= Judiciary of Burundi =

The Judiciary of Burundi is the branch of the Government of the Republic of Burundi which interprets and applies the laws of Burundi to ensure impartial justice under law and to provide a mechanism for dispute resolution. The independence of the judiciary is guaranteed by the constitution.

The judicial system in Burundi is based upon French and German customary law and comprises the Supreme Court, the Courts of Appeal, Constitutional Courts and Tribunals of First Instance.

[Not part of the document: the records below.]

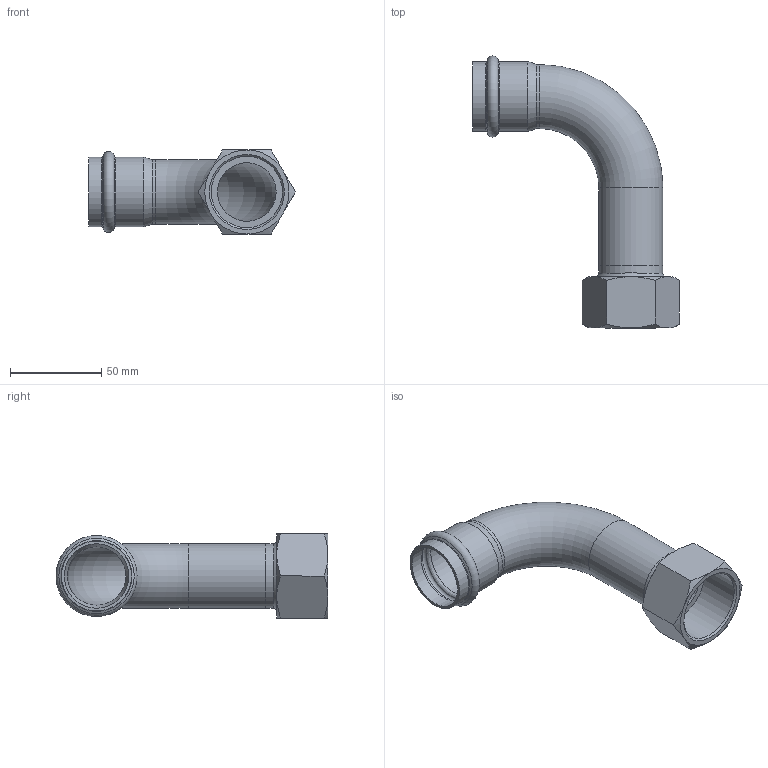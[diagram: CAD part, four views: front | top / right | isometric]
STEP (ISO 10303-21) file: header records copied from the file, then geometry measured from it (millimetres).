
FILE_DESCRIPTION((''),'2;1');
FILE_NAME('G:\Nirosan-Schmiedefeld\Technics\CAD\Bauteile VA\035\69002G35114(2).stp','2011-09-06T11:15:56',('herberg'),(''),'Autodesk Inventor 2009','Autodesk Inventor 2009','');
FILE_SCHEMA(('AUTOMOTIVE_DESIGN { 1 0 10303 214 1 1 1 1 }'));
Length unit declared in the file: millimetre
Products named in the file (3): 69002G35114(2); 69001A35(1); IG35114(1)
Assembly tree (2 placements, depth 2):
  69002G35114(2)
    69001A35(1)
    IG35114(1)
Bounding box: 113.06 x 148.65 x 46 mm (x, y, z)
Volume: 46340.8 mm3; surface area: 45876.7 mm2
Topology: 2 solids, 2 shells, 49 faces, 104 edges, 61 vertices
Faces by surface type: cone 17, plane 11, cylinder 9, bspline 8, torus 4
Full cylindrical faces by diameter (mm): 32 x2, 35 x3, 35.25 x2, 38.25 x2
Entity records: 1404 total; most frequent: CARTESIAN_POINT 485, DIRECTION 182, ORIENTED_EDGE 144, AXIS2_PLACEMENT_3D 88, EDGE_LOOP 80, EDGE_CURVE 72, VERTEX_POINT 54, FACE_OUTER_BOUND 49
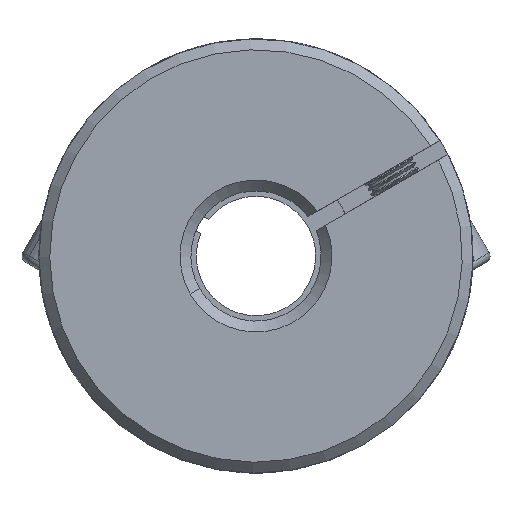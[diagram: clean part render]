
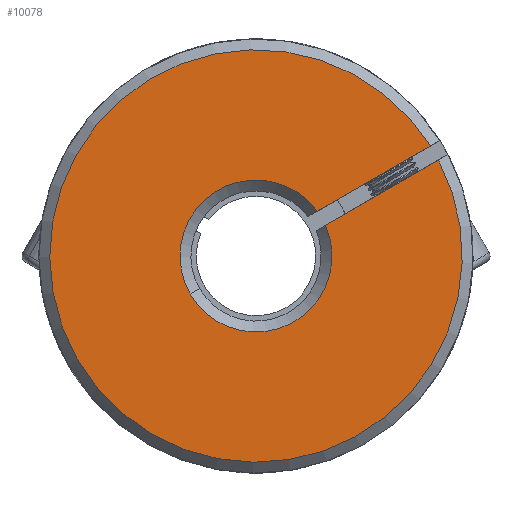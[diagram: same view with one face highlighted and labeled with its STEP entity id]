
A CAD part, front view. The second image highlights one B-rep face of the part: STEP entity #10078.
In plain terms, the highlighted planar face has unit normal (0, -1, 0).
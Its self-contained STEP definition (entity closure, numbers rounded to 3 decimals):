
#29 = ORIENTED_EDGE ( 'NONE', *, *, #12526, .T. ) ;
#378 = DIRECTION ( 'NONE',  ( 0.5, 0., -0.866 ) ) ;
#582 = CARTESIAN_POINT ( 'NONE',  ( -1.447, -31.239, 40. ) ) ;
#588 = VERTEX_POINT ( 'NONE', #6231 ) ;
#630 = ORIENTED_EDGE ( 'NONE', *, *, #8277, .F. ) ;
#962 = CARTESIAN_POINT ( 'NONE',  ( 4.083, -31.239, 42.329 ) ) ;
#1059 = ORIENTED_EDGE ( 'NONE', *, *, #13452, .F. ) ;
#1393 = DIRECTION ( 'NONE',  ( -0.866, 0., -0.5 ) ) ;
#1434 = CARTESIAN_POINT ( 'NONE',  ( -7.508, -31.239, 36.498 ) ) ;
#1847 = VERTEX_POINT ( 'NONE', #1434 ) ;
#2015 = CARTESIAN_POINT ( 'NONE',  ( 4.954, -31.239, 42.832 ) ) ;
#2135 = DIRECTION ( 'NONE',  ( 0.5, 0., -0.866 ) ) ;
#2177 = DIRECTION ( 'NONE',  ( 0., 1., 0. ) ) ;
#3001 = LINE ( 'NONE', #10188, #13800 ) ;
#3471 = CARTESIAN_POINT ( 'NONE',  ( 15.367, -31.239, 48.848 ) ) ;
#3682 = AXIS2_PLACEMENT_3D ( 'NONE', #11871, #7523, #9689 ) ;
#4314 = CARTESIAN_POINT ( 'NONE',  ( 52.98, -31.239, 45.743 ) ) ;
#4843 = VERTEX_POINT ( 'NONE', #3471 ) ;
#5516 = AXIS2_PLACEMENT_3D ( 'NONE', #4314, #2177, #2135 ) ;
#5744 = EDGE_CURVE ( 'NONE', #1847, #6952, #13101, .T. ) ;
#6231 = CARTESIAN_POINT ( 'NONE',  ( 14.616, -31.239, 50.147 ) ) ;
#6952 = VERTEX_POINT ( 'NONE', #12174 ) ;
#7406 = AXIS2_PLACEMENT_3D ( 'NONE', #10020, #11070, #378 ) ;
#7523 = DIRECTION ( 'NONE',  ( 0., 1., 0. ) ) ;
#7804 = ORIENTED_EDGE ( 'NONE', *, *, #9503, .T. ) ;
#8013 = FACE_OUTER_BOUND ( 'NONE', #9981, .T. ) ;
#8075 = ORIENTED_EDGE ( 'NONE', *, *, #5744, .T. ) ;
#8277 = EDGE_CURVE ( 'NONE', #11095, #4843, #11519, .T. ) ;
#8849 = AXIS2_PLACEMENT_3D ( 'NONE', #582, #10130, #12313 ) ;
#9503 = EDGE_CURVE ( 'NONE', #11095, #1847, #10543, .T. ) ;
#9689 = DIRECTION ( 'NONE',  ( 0.5, 0., -0.866 ) ) ;
#9981 = EDGE_LOOP ( 'NONE', ( #630, #7804, #8075, #1059, #29 ) ) ;
#10020 = CARTESIAN_POINT ( 'NONE',  ( -1.447, -31.239, 40. ) ) ;
#10078 = ADVANCED_FACE ( 'NONE', ( #8013 ), #12843, .F. ) ;
#10130 = DIRECTION ( 'NONE',  ( 0., -1., 0. ) ) ;
#10188 = CARTESIAN_POINT ( 'NONE',  ( 3.332, -31.239, 43.628 ) ) ;
#10543 = CIRCLE ( 'NONE', #3682, 7. ) ;
#10681 = DIRECTION ( 'NONE',  ( 0.866, 0., 0.5 ) ) ;
#11070 = DIRECTION ( 'NONE',  ( 0., 1., 0. ) ) ;
#11095 = VERTEX_POINT ( 'NONE', #2015 ) ;
#11519 = LINE ( 'NONE', #962, #12857 ) ;
#11871 = CARTESIAN_POINT ( 'NONE',  ( -1.447, -31.239, 40. ) ) ;
#12138 = CIRCLE ( 'NONE', #8849, 19. ) ;
#12174 = CARTESIAN_POINT ( 'NONE',  ( 4.204, -31.239, 44.131 ) ) ;
#12313 = DIRECTION ( 'NONE',  ( 0.5, 0., -0.866 ) ) ;
#12526 = EDGE_CURVE ( 'NONE', #588, #4843, #12138, .T. ) ;
#12843 = PLANE ( 'NONE',  #5516 ) ;
#12857 = VECTOR ( 'NONE', #10681, 1000. ) ;
#13101 = CIRCLE ( 'NONE', #7406, 7. ) ;
#13452 = EDGE_CURVE ( 'NONE', #588, #6952, #3001, .T. ) ;
#13800 = VECTOR ( 'NONE', #1393, 1000. ) ;
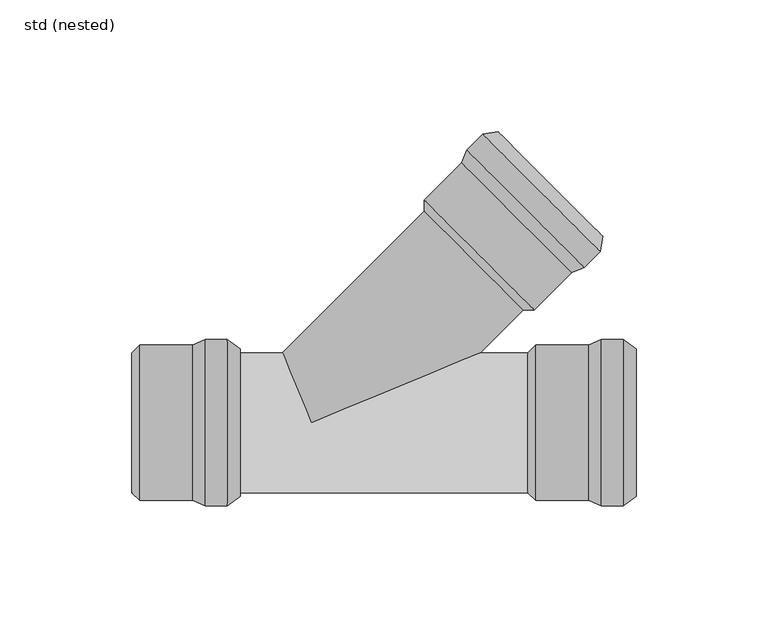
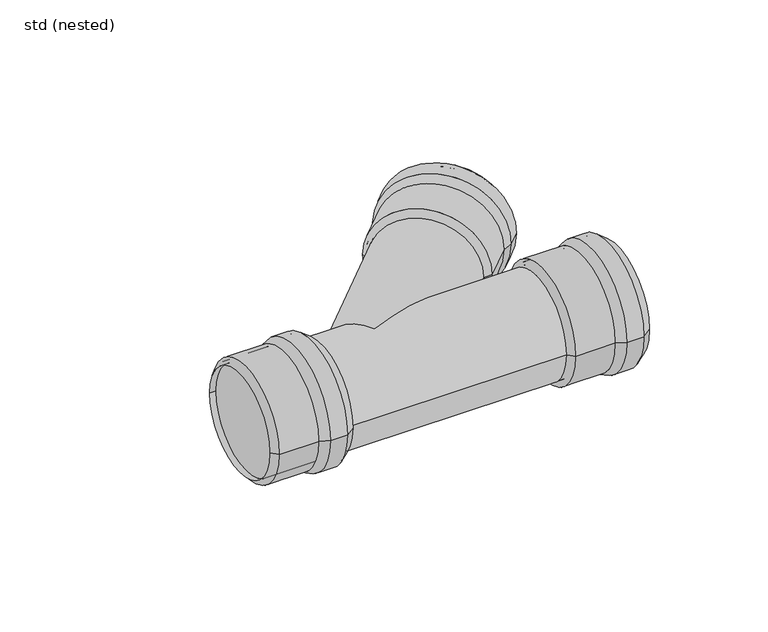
"""IFC4 building model written with IfcOpenShell, lengths in millimetres: pipe fitting geometry, ZZZ_do not use_PIF_ST_UN_GM-X single branch_ACO : std (nested)."""

from ifc_helpers import new_model, si_unit, frame, origin, place, context, project, spatial, polyline, circle_curve, ellipse_curve, source, transform, mapped, element, save
from ifc_brep_helpers import plane_surface, cylinder_surface, revolved_surface, advanced_brep


def std_nested_51db5023(model_context):
    return source(origin(), model_context, "Body", "AdvancedBrep", [
        advanced_brep(
        [(-40.2, 31.5, 0.0), (-40.2, -31.5, 0.0), (-31.8, -31.5, 0.0), (-31.8, 31.5, 0.0), (-45.0, 29.5, 0.0), (-45.0, -29.5, 0.0), (-27.0, -28.0, 0.0), (-27.0, 28.0, 0.0), (-65.0, 29.5, 0.0), (-65.0, -29.5, 0.0), (-68.0, 26.5, 0.0), (-68.0, -26.5, 0.0), (-65.0, 26.5, 0.0), (-65.0, -26.5, 0.0), (-44.7, 28.0, 0.0), (-44.7, -28.0, 0.0), (-65.0, -28.0, 0.0), (-65.0, 28.0, 0.0), (-39.9, 30.0, 0.0), (-39.9, -30.0, 0.0), (-32.2888023, 30.0, 0.0), (-32.2888023, -30.0, 0.0), (-27.8837582, 26.7879887, 0.0), (-27.8837582, -26.7879887, 0.0)],
        [
            (0, 1, circle_curve(frame((-40.2, 0.0, 0.0), z_axis=(1.0, 0.0, 0.0), x_axis=(0.0, -1.0, 0.0)), 31.5)),
            (1, 2),
            (2, 3, circle_curve(frame((-31.8, 0.0, 0.0), z_axis=(-1.0, 0.0, 0.0), x_axis=(0.0, -1.0, 0.0)), 31.5)),
            (3, 0),
            (1, 0, circle_curve(frame((-40.2, 0.0, 0.0), z_axis=(1.0, 0.0, 0.0), x_axis=(0.0, -1.0, 0.0)), 31.5)),
            (3, 2, circle_curve(frame((-31.8, 0.0, 0.0), z_axis=(-1.0, 0.0, 0.0), x_axis=(0.0, -1.0, 0.0)), 31.5)),
            (4, 5, circle_curve(frame((-45.0, 0.0, 0.0), z_axis=(1.0, 0.0, 0.0), x_axis=(0.0, -1.0, 0.0)), 29.5)),
            (5, 1),
            (0, 4),
            (5, 4, circle_curve(frame((-45.0, 0.0, 0.0), z_axis=(1.0, 0.0, 0.0), x_axis=(0.0, -1.0, 0.0)), 29.5)),
            (2, 6),
            (6, 7, circle_curve(frame((-27.0, 0.0, 0.0), z_axis=(-1.0, 0.0, 0.0), x_axis=(0.0, -1.0, 0.0)), 28.0)),
            (7, 3),
            (7, 6, circle_curve(frame((-27.0, 0.0, 0.0), z_axis=(-1.0, 0.0, 0.0), x_axis=(0.0, -1.0, 0.0)), 28.0)),
            (8, 9, circle_curve(frame((-65.0, 0.0, 0.0), z_axis=(1.0, 0.0, 0.0), x_axis=(0.0, -1.0, 0.0)), 29.5)),
            (9, 5),
            (4, 8),
            (9, 8, circle_curve(frame((-65.0, 0.0, 0.0), z_axis=(1.0, 0.0, 0.0), x_axis=(0.0, -1.0, 0.0)), 29.5)),
            (10, 11, circle_curve(frame((-68.0, 0.0, 0.0), z_axis=(1.0, 0.0, 0.0), x_axis=(0.0, -1.0, 0.0)), 26.5)),
            (11, 9),
            (8, 10),
            (11, 10, circle_curve(frame((-68.0, 0.0, 0.0), z_axis=(1.0, 0.0, 0.0), x_axis=(0.0, -1.0, 0.0)), 26.5)),
            (12, 13, circle_curve(frame((-65.0, 0.0, 0.0), z_axis=(1.0, 0.0, 0.0), x_axis=(0.0, -1.0, 0.0)), 26.5)),
            (13, 11),
            (10, 12),
            (13, 12, circle_curve(frame((-65.0, 0.0, 0.0), z_axis=(1.0, 0.0, 0.0), x_axis=(0.0, -1.0, 0.0)), 26.5)),
            (14, 15, circle_curve(frame((-44.7, 0.0, 0.0), z_axis=(1.0, 0.0, 0.0), x_axis=(0.0, -1.0, 0.0)), 28.0)),
            (15, 16),
            (16, 17, circle_curve(frame((-65.0, 0.0, 0.0), z_axis=(-1.0, 0.0, 0.0), x_axis=(0.0, -1.0, 0.0)), 28.0)),
            (17, 14),
            (15, 14, circle_curve(frame((-44.7, 0.0, 0.0), z_axis=(1.0, 0.0, 0.0), x_axis=(0.0, -1.0, 0.0)), 28.0)),
            (17, 16, circle_curve(frame((-65.0, 0.0, 0.0), z_axis=(-1.0, 0.0, 0.0), x_axis=(0.0, -1.0, 0.0)), 28.0)),
            (18, 19, circle_curve(frame((-39.9, 0.0, 0.0), z_axis=(1.0, 0.0, 0.0), x_axis=(0.0, -1.0, 0.0)), 30.0)),
            (19, 15),
            (14, 18),
            (19, 18, circle_curve(frame((-39.9, 0.0, 0.0), z_axis=(1.0, 0.0, 0.0), x_axis=(0.0, -1.0, 0.0)), 30.0)),
            (20, 21, circle_curve(frame((-32.2888023, 0.0, 0.0), z_axis=(1.0, 0.0, 0.0), x_axis=(0.0, -1.0, 0.0)), 30.0)),
            (21, 19),
            (18, 20),
            (21, 20, circle_curve(frame((-32.2888023, 0.0, 0.0), z_axis=(1.0, 0.0, 0.0), x_axis=(0.0, -1.0, 0.0)), 30.0)),
            (22, 23, circle_curve(frame((-27.8837582, 0.0, 0.0), z_axis=(1.0, 0.0, 0.0), x_axis=(0.0, -1.0, 0.0)), 26.7879887)),
            (23, 21),
            (20, 22),
            (23, 22, circle_curve(frame((-27.8837582, 0.0, 0.0), z_axis=(1.0, 0.0, 0.0), x_axis=(0.0, -1.0, 0.0)), 26.7879887)),
            (6, 23),
            (22, 7),
            (16, 13),
            (12, 17),
        ],
        [
            cylinder_surface(frame((-30.3555883, 0.0, 0.0), z_axis=(-1.0, 0.0, 0.0), x_axis=(0.0, -1.0, 0.0)), 31.5),
            revolved_surface(polyline([(-40.2, -31.5, 0.0), (-45.0, -29.5, 0.0)]), (-30.3555883, 0.0, 0.0), (-1.0, 0.0, 0.0)),
            revolved_surface(polyline([(-27.0, -28.0, 0.0), (-31.8, -31.5, 0.0)]), (-30.3555883, 0.0, 0.0), (-1.0, 0.0, 0.0)),
            cylinder_surface(frame((-30.3555883, 0.0, 0.0), z_axis=(-1.0, 0.0, 0.0), x_axis=(0.0, -1.0, 0.0)), 29.5),
            revolved_surface(polyline([(-65.0, -29.5, 0.0), (-68.0, -26.5, 0.0)]), (-30.3555883, 0.0, 0.0), (-1.0, 0.0, 0.0)),
            revolved_surface(polyline([(-68.0, -26.5, 0.0), (-65.0, -26.5, 0.0)]), (-30.3555883, 0.0, 0.0), (-1.0, 0.0, 0.0)),
            revolved_surface(polyline([(-65.0, -28.0, 0.0), (-44.7, -28.0, 0.0)]), (-30.3555883, 0.0, 0.0), (-1.0, 0.0, 0.0)),
            revolved_surface(polyline([(-44.7, -28.0, 0.0), (-39.9, -30.0, 0.0)]), (-30.3555883, 0.0, 0.0), (-1.0, 0.0, 0.0)),
            revolved_surface(polyline([(-39.9, -30.0, 0.0), (-32.2888023, -30.0, 0.0)]), (-30.3555883, 0.0, 0.0), (-1.0, 0.0, 0.0)),
            revolved_surface(polyline([(-32.2888023, -30.0, 0.0), (-27.8837582, -26.7879887, 0.0)]), (-30.3555883, 0.0, 0.0), (-1.0, 0.0, 0.0)),
            revolved_surface(polyline([(-27.8837582, -26.7879887, 0.0), (-27.0, -28.0, 0.0)]), (-30.3555883, 0.0, 0.0), (-1.0, 0.0, 0.0)),
            plane_surface(frame((-65.0, 0.0, 0.0), z_axis=(1.0, 0.0, 0.0), x_axis=(0.0, -1.0, 0.0))),
        ],
        [
            (0, [[1, 2, 3, 4]]),
            (0, [[5, -4, 6, -2]]),
            (1, [[7, 8, -1, 9]]),
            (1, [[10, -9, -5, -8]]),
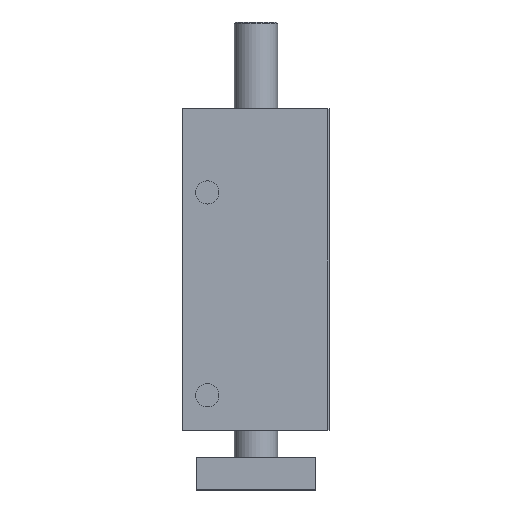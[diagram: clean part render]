
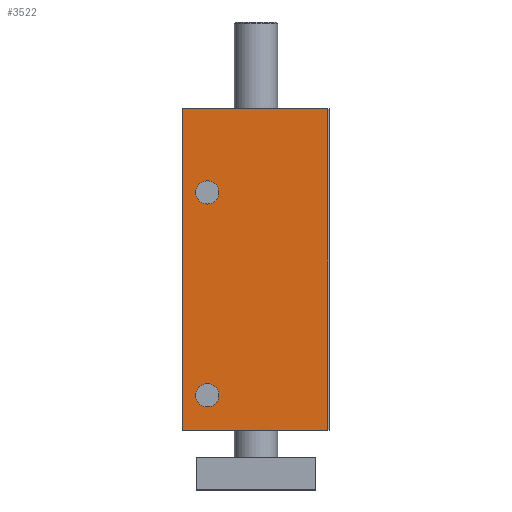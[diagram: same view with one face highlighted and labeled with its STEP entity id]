
A CAD part, front view. The second image highlights one B-rep face of the part: STEP entity #3522.
In plain terms, the highlighted planar face has unit normal (0, -1, 0).
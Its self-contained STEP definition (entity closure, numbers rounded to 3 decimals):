
#255=CARTESIAN_POINT('',(-27.0,-60.0,0.0));
#256=VERTEX_POINT('',#255);
#263=CARTESIAN_POINT('',(-27.0,-60.0,119.0));
#264=VERTEX_POINT('',#263);
#265=CARTESIAN_POINT('',(-27.0,-60.0,0.0));
#266=DIRECTION('',(0.0,0.0,1.0));
#267=VECTOR('',#266,119.0);
#268=LINE('',#265,#267);
#269=EDGE_CURVE('',#256,#264,#268,.T.);
#971=CARTESIAN_POINT('',(26.5,-60.0,0.0));
#972=VERTEX_POINT('',#971);
#979=CARTESIAN_POINT('',(-27.0,-60.0,0.0));
#980=DIRECTION('',(1.0,0.0,0.0));
#981=VECTOR('',#980,53.5);
#982=LINE('',#979,#981);
#983=EDGE_CURVE('',#256,#972,#982,.T.);
#2359=CARTESIAN_POINT('',(-13.717,-60.0,88.0));
#2360=VERTEX_POINT('',#2359);
#2361=CARTESIAN_POINT('',(-18.0,-60.0,88.0));
#2362=DIRECTION('',(0.0,1.0,0.0));
#2363=DIRECTION('',(1.0,0.0,0.0));
#2364=AXIS2_PLACEMENT_3D('',#2361,#2362,#2363);
#2365=CIRCLE('',#2364,4.283);
#2366=EDGE_CURVE('',#2360,#2360,#2365,.T.);
#2396=CARTESIAN_POINT('',(-13.717,-60.0,13.));
#2397=VERTEX_POINT('',#2396);
#2398=CARTESIAN_POINT('',(-18.0,-60.0,13.));
#2399=DIRECTION('',(0.0,1.0,0.0));
#2400=DIRECTION('',(1.0,0.0,0.0));
#2401=AXIS2_PLACEMENT_3D('',#2398,#2399,#2400);
#2402=CIRCLE('',#2401,4.283);
#2403=EDGE_CURVE('',#2397,#2397,#2402,.T.);
#3481=CARTESIAN_POINT('',(26.5,-60.0,119.0));
#3482=VERTEX_POINT('',#3481);
#3489=CARTESIAN_POINT('',(26.5,-60.0,0.0));
#3490=DIRECTION('',(0.0,0.0,1.0));
#3491=VECTOR('',#3490,119.0);
#3492=LINE('',#3489,#3491);
#3493=EDGE_CURVE('',#972,#3482,#3492,.T.);
#3500=CARTESIAN_POINT('',(26.5,-60.0,0.0));
#3501=DIRECTION('',(0.0,-1.0,0.0));
#3502=DIRECTION('',(0.0,0.0,-1.0));
#3503=AXIS2_PLACEMENT_3D('',#3500,#3501,#3502);
#3504=PLANE('',#3503);
#3505=CARTESIAN_POINT('',(26.5,-60.0,119.0));
#3506=DIRECTION('',(-1.0,0.0,0.0));
#3507=VECTOR('',#3506,53.5);
#3508=LINE('',#3505,#3507);
#3509=EDGE_CURVE('',#3482,#264,#3508,.T.);
#3510=ORIENTED_EDGE('',*,*,#3509,.T.);
#3511=ORIENTED_EDGE('',*,*,#269,.F.);
#3512=ORIENTED_EDGE('',*,*,#983,.T.);
#3513=ORIENTED_EDGE('',*,*,#3493,.T.);
#3514=EDGE_LOOP('',(#3510,#3511,#3512,#3513));
#3515=FACE_OUTER_BOUND('',#3514,.T.);
#3516=ORIENTED_EDGE('',*,*,#2366,.T.);
#3517=EDGE_LOOP('',(#3516));
#3518=FACE_BOUND('',#3517,.T.);
#3519=ORIENTED_EDGE('',*,*,#2403,.T.);
#3520=EDGE_LOOP('',(#3519));
#3521=FACE_BOUND('',#3520,.T.);
#3522=ADVANCED_FACE('',(#3515,#3518,#3521),#3504,.T.);

The President of the Court of Appeal, the presidents of the High Courts, the public prosecutors and the state counsels are appointed by the President of the Republic following nomination by the Judicial Service Commission and approval by the Senate.

==Supreme Court==

The Supreme Court is divided into three chambers, the Administrative Chamber, the Judicial Chamber and the Chamber of Cassation. It has both original and appellate jurisdiction over civil and criminal matters and consists of nine members, including the President of the court. A National Department of Public Prosecutions is also attached.

==Courts of Appeal==

The Courts of Appeal comprise three courts which are based at Bujumbura, Ngozi and Gitega.

==Tribunals of First Instance==

These are local county courts, one in each of the 18 provinces.

==Courts of Residence==

The 127 Courts of Residence (Resident Magistrate's Courts) operate at the Commune level and deal with both criminal and civil cases, including land matters, matters relating to evictions, family and persons related matters and infractions against the Highway Code. The Courts have limits on the fines and custodial sentences they can award.

==Constitutional Court==

The Constitutional Court ensures that all laws are adhere strictly to the Constitution and also decides on issues relating to human rights violations. It has seven members appointed by the President of the Republic and approved by the Senate. Together with the Supreme Court, the Constitutional Court constitutes the High Court of Justice, which has the power to try the president and other senior members of the government for high treason.

==Specialised Courts==

Specialized commercial, administrative and labour courts and courts martial also exist.

==Judicial Service Commission==

The Judicial Service Commission is made up of five members nominated by the Executive, three judges of the Supreme Court, two magistrates from the National Department of Public Prosecutions, two judges from the resident magistrates' courts and three members of the legal profession in private practice.